Теория была отодвинута, оставалась ненапечатанной. Совсем не надо, чтобы тот человек, который занимается академической работой, был бы академически назван, но он должен быть там, где работают, потому что работать одному очень трудно. Работа — это тоже столкновение мыслей, систем решений, работа даже великого человека не монологична — она драматургична и нуждается в споре и в согласии с временем и товарищами.
Во время войны больной Юрий Николаевич был эвакуирован в Пермь. Болезнь убыстрила свой ход.
Время существовало для писателя; он чувствовал историю наяву и не мог в нее вмешаться.
Я увидел его в Москве, когда его привезли совсем больным. Его поместили в больницу. Это Сокольники; зеленые рощи, пустые зеленые улицы, расходящиеся лучами. Город еще военный, мало кто вернулся, и те, кто вернулись, тоже думают о войне, они еще не вырвались из войны.
Приходил к другу, и он не узнавал меня.
Приходилось говорить тихо; какое-нибудь слово, чаще всего имя Пушкина, возвращало ему сознание. Он не сразу начинал говорить. Начиналось чтение стихов. Юрий Николаевич Пушкина знал превосходно, так, как будто он только сейчас открывал эти стихи, в первый раз поражался их сложной, неисчерпаемой глубиной.
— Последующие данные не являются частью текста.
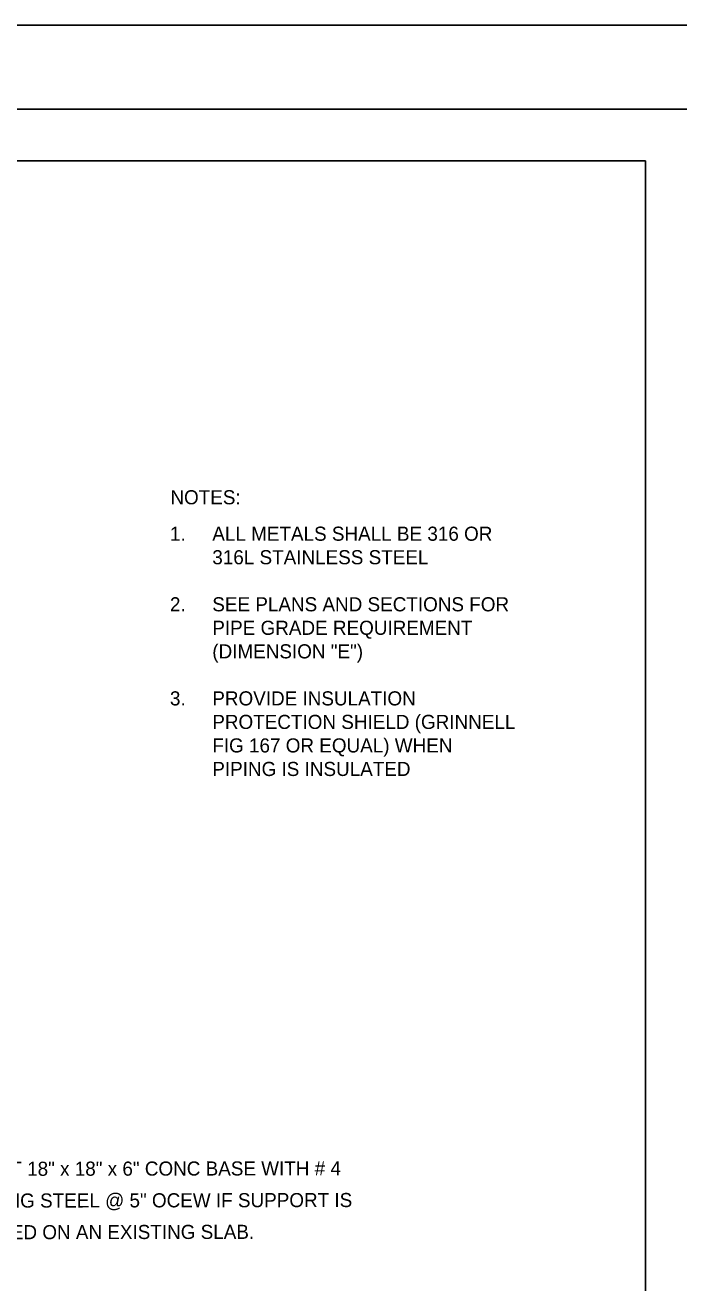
# Model space of a CAD drawing. Extents: x 2147138 to 2147698, y 2147153 to 2147515.
# Drawn here: x 2147237.7 to 2147293.3, y 2147408.1 to 2147515.1 of the extents above; entities that cross this region are included whole.
import ezdxf

# ---------------------------------------------------------------- set-up
doc = ezdxf.new("R2010")
doc.units = 0
for name, color, linetype in [('CONSTRUCTION_CLASS', 7, 'Continuous'), ('G-ANNO-TEXT-LW10', 7, 'Continuous'), ('G-DETL-ANNO-LW10', 7, 'Continuous'), ('PATTERN_CLASS', 7, 'Continuous')]:
    doc.layers.add(name, color=color, linetype=linetype)

msp = doc.modelspace()

# ---------------------------------------------------------------- linework, layer by layer
at = {"layer": 'CONSTRUCTION_CLASS'}
for p, q in [((2147697.66, 2147515.08), (2147137.79, 2147515.08)), ((2147160.2, 2147507.94), (2147689.06, 2147507.94))]:
    msp.add_line(p, q, dxfattribs=at)
at = {"layer": 'PATTERN_CLASS'}
for p, q in [((2147290.48, 2147503.54), (2147166.29, 2147503.54)), ((2147290.48, 2147351.27), (2147290.48, 2147503.54))]:
    msp.add_line(p, q, dxfattribs=at)

# ---------------------------------------------------------------- texts
at = {"layer": 'G-ANNO-TEXT-LW10'}
for s, p in [('1.', (2147250.06, 2147471.24)), ('ALL METALS SHALL BE 316 OR ', (2147253.66, 2147471.24)), ('316L STAINLESS STEEL', (2147253.66, 2147469.24)), ('2.', (2147250.06, 2147465.24)), ('SEE PLANS AND SECTIONS FOR ', (2147253.66, 2147465.24)), ('PIPE GRADE REQUIREMENT ', (2147253.66, 2147463.24)), ('(DIMENSION "E")', (2147253.66, 2147461.24)), ('3.', (2147250.06, 2147457.24)), ('PROVIDE INSULATION ', (2147253.66, 2147457.24)), ('PROTECTION SHIELD (GRINNELL ', (2147253.66, 2147455.24)), ('FIG 167 OR EQUAL) WHEN ', (2147253.66, 2147453.24)), ('PIPING IS INSULATED', (2147253.66, 2147451.24))]:
    msp.add_text(s, height=1.2, dxfattribs=at).set_placement(p)
at = {"layer": 'G-DETL-ANNO-LW10'}
msp.add_text('NOTES:', height=1.2, dxfattribs=at).set_placement((2147250.1, 2147474.34))
for s, p in [('CONSTRUCT 18" x 18" x 6" CONC BASE WITH # 4', (2147227.4, 2147417.23)), ('REINFORCING STEEL @ 5" OCEW IF SUPPORT IS', (2147227.34, 2147414.53)), ('NOT LOCATED ON AN EXISTING SLAB.', (2147227.35, 2147411.84))]:
    msp.add_text(s, height=1.2, rotation=0.0896, dxfattribs=at).set_placement(p)

doc.saveas('drawing.dxf')
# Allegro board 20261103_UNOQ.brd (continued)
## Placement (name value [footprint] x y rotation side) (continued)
R2645  0  [R0201_H030]  46.38 46.96 270 bottom
R2646  0  [R0201_H030]  20.19 4.31 90 bottom
R2660  220K  [R0201_H030]  33.71 57.35 90 top
R2661  220K  [R0201_H030]  32.61 57.35 270 top
R2664  220K  [R0201_H030]  43.45 60.86 0 top
R2665  220K  [R0201_H030]  44.25 60.86 0 top
R2666  2.2K  [R0201_H030]  33.53 13.54 270 bottom
R2667  2.2K  [R0201_H030]  35.57 13.54 270 bottom
R2668  0  [R0201_H030]  36.6 13.54 270 bottom
R2669  0  [R0201_H030]  34.55 13.54 270 bottom
R2670  0  [R0201_H030]  45.11 18.68 90 top
R2671  0  [R0201_H030]  45.14 18.14 90 top
R2701  10_1%  [R0402_H040]  21.85 8.44 180 top
R2702  10_1%  [R0402_H040]  20.89 8.47 180 top
R2703  10_1%  [R0402_H040]  19.95 8.47 180 top
R2704  10_1%  [R0402_H040]  17.21 8.46 180 top
R2705  10_1%  [R0402_H040]  18.08 8.47 180 top
R2706  10_1%  [R0402_H040]  7.87 8.24 180 top
R2707  10_1%  [R0402_H040]  11.34 8.24 180 top
R2708  10_1%  [R0402_H040]  10.48 8.26 180 top
R2709  10_1%  [R0402_H040]  9.55 8.26 180 top
R2710  10_1%  [R0402_H040]  8.69 8.25 180 top
R2711  10_1%  [R0402_H040]  19.03 8.47 180 top
R2712  1K  [R0201_H030]  42.2 32.8 180 bottom
R2713  1K  [R0201_H030]  45.4 33.4 90 bottom
R2714  1K  [R0201_H030]  41.5 34.2 180 bottom
R2715  1K  [R0201_H030]  40.1 35.4 90 bottom
R2716  1K  [R0201_H030]  39.1 31.6 180 bottom
R2717  1K  [R0201_H030]  41.6 31.7 180 bottom
R2723  4.7K  [R0402_H040]  46.56 5.34 0 bottom
R2724  15K_1%  [R0402_H040]  45.64 5.34 0 bottom
R2725  4.7K  [R0402_H040]  41.95 5.34 0 bottom
R2726  4.7K  [R0402_H040]  42.87 5.34 0 bottom
R2727  15K_1%  [R0402_H040]  44.72 5.34 0 bottom
R2728  4.7K  [R0402_H040]  43.8 5.34 0 bottom
R2729  4.7K  [R0402_H040]  39.11 5.76 0 bottom
R2730  15K_1%  [R0402_H040]  37.79 6.25 90 bottom
R2731  4.7K  [R0402_H040]  35.85 6.44 90 bottom
R2732  4.7K  [R0402_H040]  41.03 5.34 0 bottom
R2733  15K_1%  [R0402_H040]  40.18 5.84 0 bottom
R2734  4.7K  [R0402_H040]  39.7 4.43 90 bottom
R2735  330  [R0402_H040]  29.21 65.49 90 top
R2801  10K_1%  [R0201_H030]  11.94 40.04 90 bottom
R2802  499K_1%  [R0201_H030]  13.33 39.75 0 bottom
R2803  95.3K_1%  [R0201_H030]  12.83 39.75 180 bottom
R2804  10K_1%  [R0201_H030]  10.75 32.15 90 bottom
R2805  453K_1%  [R0201_H030]  11.6 31.18 0 bottom
R2806  100K  [R0201_H030]  11.98 32.07 90 bottom
R2807  0  [R1206_H080]  7.7 41.5 180 bottom
R2808  10K_1%  [R0201_H030]  15.37 42.32 90 bottom
R2809  10K_1%  [R0201_H030]  14.22 46.58 270 bottom
R2810  10K_1%  [R0201_H030]  17.19 41.62 0 bottom
R2811  301K_1%  [R0201_H030]  5.72 43.02 180 top
R2812  100K  [R0201_H030]  5.72 44.16 180 top
R2813  0  [R0201_H030]  9.2 45.16 270 top
R2814  100K  [R0201_H030]  6.92 45.23 270 top
R2815  19.1K_1%  [R0201_H030]  5.58 45.54 180 top
R2816  1K  [R0201_H030]  6.93 45.84 270 top
R2817  0  [R0603_H060]  8.9 31.84 90 bottom
R2901  0  [R0201_H030]  23.73 62.55 270 top
R2902  0  [R0201_H030]  3.78 60.94 90 top
R2903  0  [R0201_H030]  5.59 49.44 180 top
R2904  0  [R0201_H030]  4.38 63.34 90 top
R2905  0  [R0201_H030]  4.38 62.6 90 top
R2906  0  [R0201_H030]  4.65 60.65 180 top
R2908  0  [R0201_H030]  23.19 59.79 180 top
R2909  0  [R0201_H030]  3.28 61.77 90 top
R3001  1M  [R0201_H030]  33.83 49.61 0 top
R3002  1M  [R0201_H030]  34.8 49.86 90 top
R3003  0  [R0201_H030]  34.93 58.27 0 top
R3004  0  [R0201_H030]  36.79 57.76 180 top
R3005  0  [R0201_H030]  37.56 57.76 180 top
R3006  0  [R0201_H030]  38.77 59.19 270 top
R3007  1M  [R0201_H030]  33.07 53.8 0 top
R3009  0  [R0402_H040]  39.05 51.38 0 bottom
R3010  0  [R0402_H040]  33.64 46.39 270 top
R3011  0  [R0402_H040]  36.75 46.82 270 top
R3012  0  [R0402_H040]  36.87 50.75 90 bottom
R3013  0  [R0402_H040]  31.52 51.16 90 top
R3014  0  [R0201_H030]  34.67 43.78 90 top
R3015  0  [R0201_H030]  31.24 43.78 270 top
R3016  0  [R0201_H030]  37.14 43.17 180 top
R3017  0  [R0201_H030]  37.79 43.04 180 top
R3018  0  [R0201_H030]  36.55 43.34 180 top
R3019  39.2K_1%  [R0201_H030]  32.97 50.67 90 top
R3020  5.6K_1%  [R0201_H030]  32.97 51.21 270 top
R3022  2.2K  [R0201_H030]  35.85 52.15 90 bottom
R3023  2.2K  [R0201_H030]  38.96 54.61 270 top
R3024  10K_1%  [R0201_H030]  25.7 61.09 0 top
R3025  4.7K  [R0201_H030]  38.96 54.05 270 top
R3026  2.2K  [R0201_H030]  32.29 43.77 270 top
R3027  2.2K  [R0201_H030]  33.49 43.77 90 top
R3028  0  [R0201_H030]  35.37 41.73 270 top
RT701  NCP03WF104F05RL  [TRES0201_H030]  39.24 14.53 90 bottom
RT1901  NCP03WF104F05RL  [TRES0201_H030]  41.96 10.31 0 top
SB701  SB2P  [SB0201]  36.19 15.44 180 top
SB1001  SB2P  [SB0201]  30.75 20.04 90 top
SB1002  SB2P  [SB0201]  30.78 19.52 90 top
SB1003  SB2P  [SB0201]  29.99 17.62 90 top
SB1004  SB2P  [SB0201]  29.99 18.13 90 top
SB1701  SB2P  [SB0201]  26.99 29.02 0 top
SB1702  SB2P  [SB0201]  26.44 29.02 0 top
SB1801  SB2P  [SB0201]  26.75 38.85 0 top
SB1802  SB2P  [SB0201]  26.3 38.85 0 top
SB2801  SB2P  [SB0201#2]  11.97 39.19 90 bottom
SOC1  QRB-2210-0-NSP752-TR-00-0  [BGA752_120X124_0D4_H10]  29.77 34.28 90 top
TP601  TP  [TP20MIL]  38.94 8.88 0 top
TP602  TP  [TP20MIL]  38.23 8.85 0 top
TP701  TP  [TP20MIL]  31.4 12.87 0 top
TP702  TP  [TP20MIL]  29.34 11.65 0 top
TP703  TP  [TP20MIL]  39.66 8.85 0 top
TP704  TP  [TP20MIL]  37.62 9.87 0 top
TP705  TP  [TP20MIL]  30.09 14.96 0 top
TP706  TP  [TP20MIL]  35.79 9.22 0 top
TP1203  TP  [TP20MIL]  32.16 24.81 0 top
TP1204  TP  [TP20MIL]  32.16 25.61 0 top
TP1205  TP  [TP20MIL]  31.33 25.58 0 top
TP1206  TP  [TP20MIL]  31.33 24.78 0 top
TP1207  TP  [TP32MIL_OSP]  10.67 2.17 180 bottom
TP1208  TP  [TP32MIL_OSP]  12.67 2.17 180 bottom
TP1209  TP  [TP32MIL_OSP]  14.67 2.17 180 bottom
TP1210  TP  [TP32MIL_OSP]  16.67 2.17 180 bottom
TP1211  TP  [TP32MIL_OSP]  18.67 2.17 180 bottom
TP1212  TP  [TP32MIL_OSP]  20.67 2.17 180 bottom
TP1213  TP  [TP32MIL_OSP]  22.67 2.17 180 bottom
TP1301  TP  [TP20MIL]  35.26 23.17 0 top
TP1310  TP  [TP20MIL]  22.99 35.86 90 top
TP1311  TP  [TP20MIL]  22.45 33.93 90 top
TP1313  TP  [TP20MIL]  22.94 34.55 90 top
TP1314  TP  [TP20MIL]  22.52 35.24 90 top
TP1315  TP  [TP20MIL]  22.51 36.56 0 top
TP1501  TP  [TP20MIL]  30.04 25.32 0 top
TP1502  TP  [TP20MIL]  30.04 26.07 0 top
TP2501  TP  [TP20MIL]  17.4 26.67 0 bottom
TP2502  TP  [TP20MIL]  18.56 38.02 270 bottom
TP2503  TP  [TP20MIL]  17.4 25.91 0 bottom
TP2504  TP  [TP20MIL]  17.7 24.13 270 bottom
TP2506  TP  [TP20MIL]  7.41 23.08 270 bottom
TP2602  TP  [TP20MIL]  6.65 36.94 180 bottom
TP2603  TP  [TP20MIL]  6.31 42.62 180 bottom
TP2610  TP  [TP32MIL_OSP]  23.6 33.26 180 bottom
TP2611  TP  [TP32MIL_OSP]  51.5 55.75 180 bottom
TP2612  TP  [TP32MIL_OSP]  36.52 67.05 180 bottom
TP2613  TP  [TP32MIL_OSP]  38.52 67.05 180 bottom
TP2614  TP  [TP32MIL_OSP]  49.37 59.75 180 bottom
TP2615  TP  [TP40MIL]  49.37 55.75 180 bottom
TP2616  TP  [TP40MIL]  49.37 57.75 180 bottom
TP2617  TP  [TP32MIL_OSP]  51.5 59.75 180 bottom
TP2618  TP  [TP32MIL_OSP]  51.5 57.75 180 bottom
TP2901  TP  [TP20MIL]  4.31 51.11 0 top
TP3001  TP  [TP20MIL]  16.17 50.9 180 bottom
TP3002  TP  [TP20MIL]  35.55 43.82 0 top
TP3003  TP  [TP20MIL]  30.99 44.43 0 top
TP3004  TP  [TP20MIL]  37.58 56.91 0 top
TP3005  TP  [TP20MIL]  39.03 58.58 0 top
TP3006  TP  [TP20MIL]  38.53 55.32 0 top
TP3007  TP  [TP20MIL]  33.15 52.07 0 top
U1101  TXS0104ERUTR_QFN12P  [QFN12P_20X17_04_H060]  16.75 38.12 180 bottom
U1102  TXS0101DBVR_SOT23_6P  [SOT23_6P_29X28_H150]  17.09 32.69 90 bottom
U2501  74LVC1G3157DW-7_SOT363_6P  [SOT363_6P_21X20_H110]  44.71 44.01 270 bottom
U2601  RCLAMP0524PATCT  [DFN10P_25X10_05_H070_SE]  30.95 60.45 180 top
U2602  RCLAMP0524PATCT  [DFN10P_25X10_05_H070_SE]  36.73 59.33 270 top
U2604  RCLAMP3654PATCT_DFN6P  [DFN6P_16_PAD13X05_05H070P13X045]  40.64 58.45 90 top
U2605  RCLAMP0524PATCT  [DFN10P_25X10_05_H070_SE]  14.62 61.22 90 bottom
U2606  RCLAMP0524PATCT  [DFN10P_25X10_05_H070_SE]  33.63 52.68 270 bottom
U2607  RCLAMP0522P.TCT  [DFN6P_16X10_05_H070]  20.44 61.22 90 bottom
U2608  RCLAMP0524PATCT  [DFN10P_25X10_05_H070_SE]  26.05 62.12 90 bottom
U2609  RCLAMP0524PATCT  [DFN10P_25X10_05_H070_SE]  18.39 52.68 270 bottom
U2610  RCLAMP0524PATCT  [DFN10P_25X10_05_H070_SE]  26.01 52.68 270 bottom
U2611  RCLAMP0524PATCT  [DFN10P_25X10_05_H070_SE]  41.86 49.7 0 bottom
U2612  RCLAMP0524PATCT  [DFN10P_25X10_05_H070_SE]  41.3 52.58 270 bottom
U2801  TPS62A02APDDCR_SOT23_6P  [SOT23_6P_29X28_H110]  12.92 42.03 180 bottom
U2802  TPS62A02APDDCR_SOT23_6P  [SOT23_6P_29X28_H110]  11.74 34.1 180 bottom
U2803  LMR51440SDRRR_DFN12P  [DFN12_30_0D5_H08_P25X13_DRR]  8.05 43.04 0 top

Он начинал в забытьи читать стихи и медленно возвращался ко мне, к другу, по тропе стиха, переходил на дороги поэм. Креп голос, возвращалось сознание.
Он улыбался мне и говорил так, как будто бы мы только что сидели над рукописью и сейчас отдыхаем.
— Я просил, — сказал Юрий, — чтобы мне дали вино, которое мне давали в детстве, когда я болел.
— «Сант-Рафаэль»? — спросил я.
Мы были почти однолетки, и мне когда-то редко давали это сладкое желтое вино.
— Да, да… а доктор не вспомнил, дали пирожное, а дочка не пришла. Хочешь съесть?
Сознание возвращалось. Тынянов начинал говорить о теории стиха, о теории литературы, о неточности старых определений, которые в дороге уводили нас иногда далеко.
Стравинский создает музыку, опираясь на традицию, которая дает ему известную «выдержку». Он новатор, которого сдерживает традиция и «потребность порядка».
Представьте себе, что в театр приходит человек, который никогда не был в театре: для него в эстетическую структуру восприятия входит и устройство зала, и занавес, и процесс подымания и опускания занавеса.
В автобиографии «Сказка моей жизни» Андерсен рассказывает про служанку, которая впервые побывала в театре.
Вернувшись домой, она рассказала приблизительно так: вышли люди и говорили «ля-ля-ля».
Потом «барыня бухнулась».
Потом опять «ля-ля-ля» и опять бухнулась (та же самая барыня).
Если разобраться в этом рассказе, то понятно, что на падающем занавесе была нарисована муза драмы Мельпомена в роскошном платье жрицы; она и была «барыней».